We borrowed a wheelchair from the Red Cross, bless them, to get to appointments, and to escape from the flat we went out using my new toy, a bat detector. Fortunately there was a roost just up the road that was accessible by wheelchair and bats like it quiet and dark too.
Some time around May or June 2003 I got a letter from social services asking me to contact them. In my innocence I thought it was a follow up to our claim for DLA (Disability Living Allowance), so from the disability team offering support. Not a bit of it, my sister had reported me for suspected Munchausen's by Proxy. The fact that she hadn't seen us for two years hadn't held her back. So to add to the difficulties of dealing with the school, the benefits system, a paediatrician from hell and a sick child, I now had to deal with a social services investigation. Fortunately, I laughed it off and suggested they check their files - we'd been there before when I wouldn't play ball with my dysfunctional family and that social worker had decided that I deserved sympathy: she found my family overbearing. I heard no more about the investigation, just silence. But it meant that I felt as if I couldn't contact Social Services for support in case I reopened that particular can of worms.
We also had a visit from the medical examiner from DLA. I'd read such horror stories of DLA being turned down that I pushed Emma to overdo it the day before so he could see how ill she really was. It was a mistake. She was back to having full body spasms, having to be held down on the bed so that she didn't involuntarily flick herself off on to the floor. It also took weeks to recover.
Another little humiliation was the monthly visit from the Educational Welfare Officer. He was pleasant enough, but the permanent checking up by officialdom was not. It also used energy better spent constructively.
This isn't all doom and gloom. Now, in April 2005, my daughter is much better and is doing her best to "pass as normal" at college. She's attending part time, taking 3 AS levels to add to the 5 GCSEs she passed well last summer. It has taken all this time inching forward to get this far, including over a year using a wheelchair. We passed on the GET (graded exercise therapy) and CBT (cognitive behaviour therapy), which was all that was on offer and relied on pacing and diet as treatment - going it alone.
A Personal Story-Sheila Barry
[Online]
‘You will have heard, or you will hear, from people who are very qualified to speak here - I regard myself as an ordinary mother but then nothing is ordinary if you have an ME sufferer in the family. So why have I travelled down from York to speak at this book launch. I am here to tell you of the devastating effect the situation outlined in this book, has on the lives of ME sufferers. Skewed clearly outlines the reasons why many of those suffering from ME feel alone, isolated and have little hope for the future.

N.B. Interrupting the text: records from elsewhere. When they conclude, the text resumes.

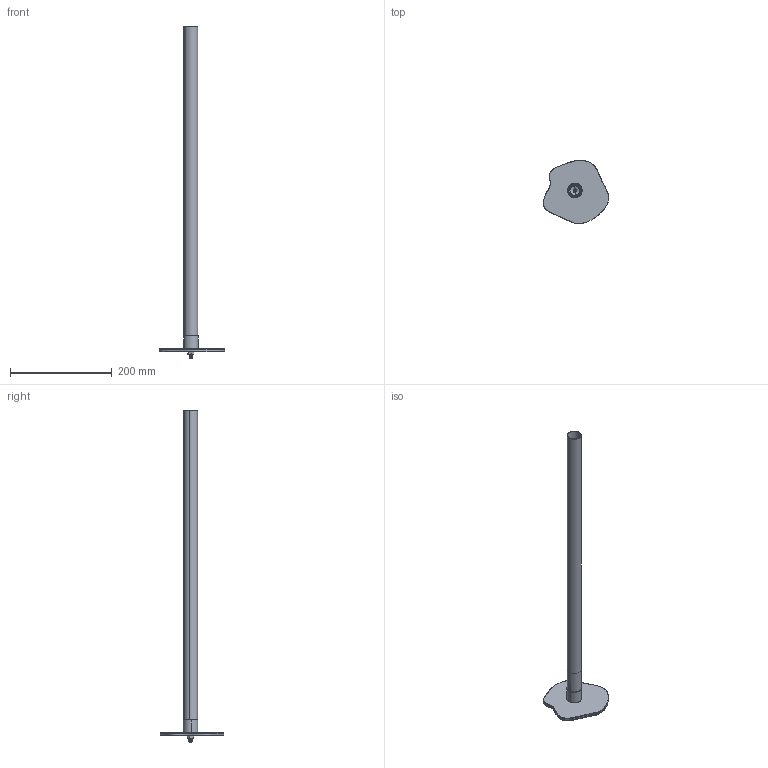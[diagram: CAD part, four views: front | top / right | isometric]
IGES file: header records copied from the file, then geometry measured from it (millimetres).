
Start section: SolidWorks IGES file using analytic representation for surfaces
Global section: file name: \\SERVER3\Design\_NEWDE~1\_DESIG~1\AAI\MODULA~1\SOLIDW~1\DEMONS~1\25DBF2~1.ASS\MODULA~1\497A0~1.TUB\TUBETO~2\Threaded End to Perpendicular Surface Connection.IGS; native system: SolidWorks 2013; preprocessor: SolidWorks 2013; author: tbraun; date: 130819.105532; units: inch
Bounding box: 128.66 x 124.75 x 653.22 mm (x, y, z)
Surface area: 187949.3 mm2 (no closed solid volume)
Topology: 0 solids, 0 shells, 324 faces, 4598 edges, 4595 vertices
Faces by surface type: revolution 274, bspline 50
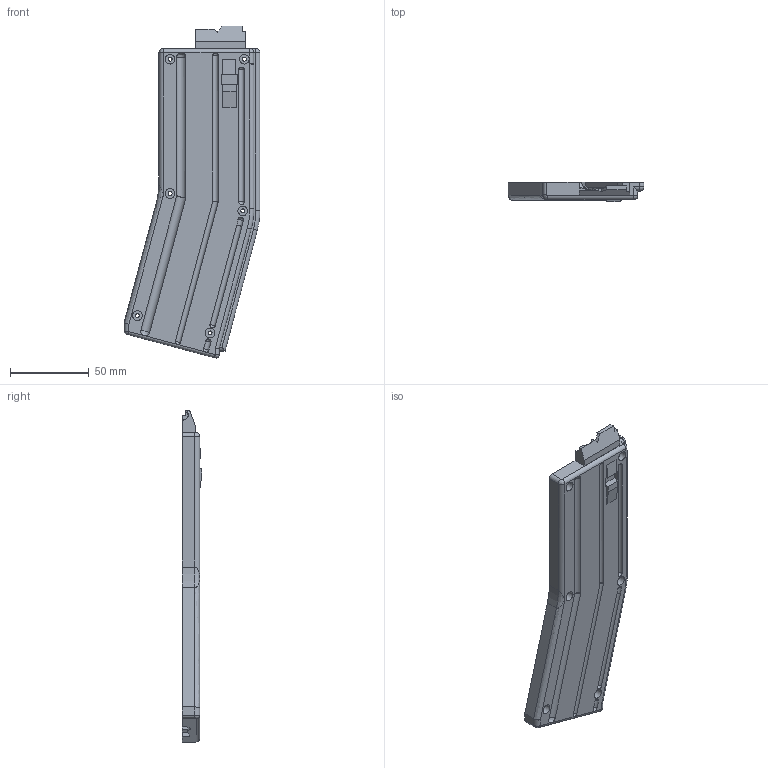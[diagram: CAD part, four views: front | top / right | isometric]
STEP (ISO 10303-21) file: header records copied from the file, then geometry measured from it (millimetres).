
FILE_DESCRIPTION(/* description */ (''),/* implementation_level */ '2;1');
FILE_NAME(/* name */ '//vboxsvr/bigsql-win-testing/CAD/DD2-GIT/freeman1337/cmmg-22lr-mag-25round/STEP/Right Body 25.step',/* time_stamp */ '2021-06-10T14:12:46-07:00',/* author */ (''),/* organization */ (''),/* preprocessor_version */ 'ST-DEVELOPER v18.1',/* originating_system */ 'Autodesk Translation Framework v10.9.0.1377',/* authorisation */ '');
FILE_SCHEMA (('AUTOMOTIVE_DESIGN { 1 0 10303 214 3 1 1 }'));
Length unit declared in the file: millimetre
Products named in the file (1): BodyR
Bounding box: 86 x 12.32 x 210.15 mm (x, y, z)
Volume: 107290.4 mm3; surface area: 34472 mm2
Topology: 1 solids, 2 shells, 205 faces, 530 edges, 334 vertices
Faces by surface type: plane 85, bspline 59, cylinder 51, cone 5, torus 3, sphere 2
Full cylindrical faces by diameter (mm): 2.5 x6, 6.15 x6
Entity records: 8655 total; most frequent: CARTESIAN_POINT 3920, ORIENTED_EDGE 1050, DIRECTION 855, EDGE_CURVE 525, VERTEX_POINT 334, AXIS2_PLACEMENT_3D 305, LINE 245, VECTOR 245

I personally regard psychiatry as a growth industry. The number of conditions identified as mental illness has grown tremendously in recent years. MS and Parkinson's, among others, were earlier identified as psychiatric illnesses and recently I read that 'shyness' has been classified as a psychiatric condition. How do they arrive at these decisions.
Psychiatrists classify a condition when a number of them are able to agree a criteria. They have no diagnostic tests. It is simply a matter of opinion.
I believe that the actions of the psychiatric lobby to have ME classified as a psychiatric illness and to prevent research into the cause, and a diagnostic test were the major reason that my daughter chose to end her life.’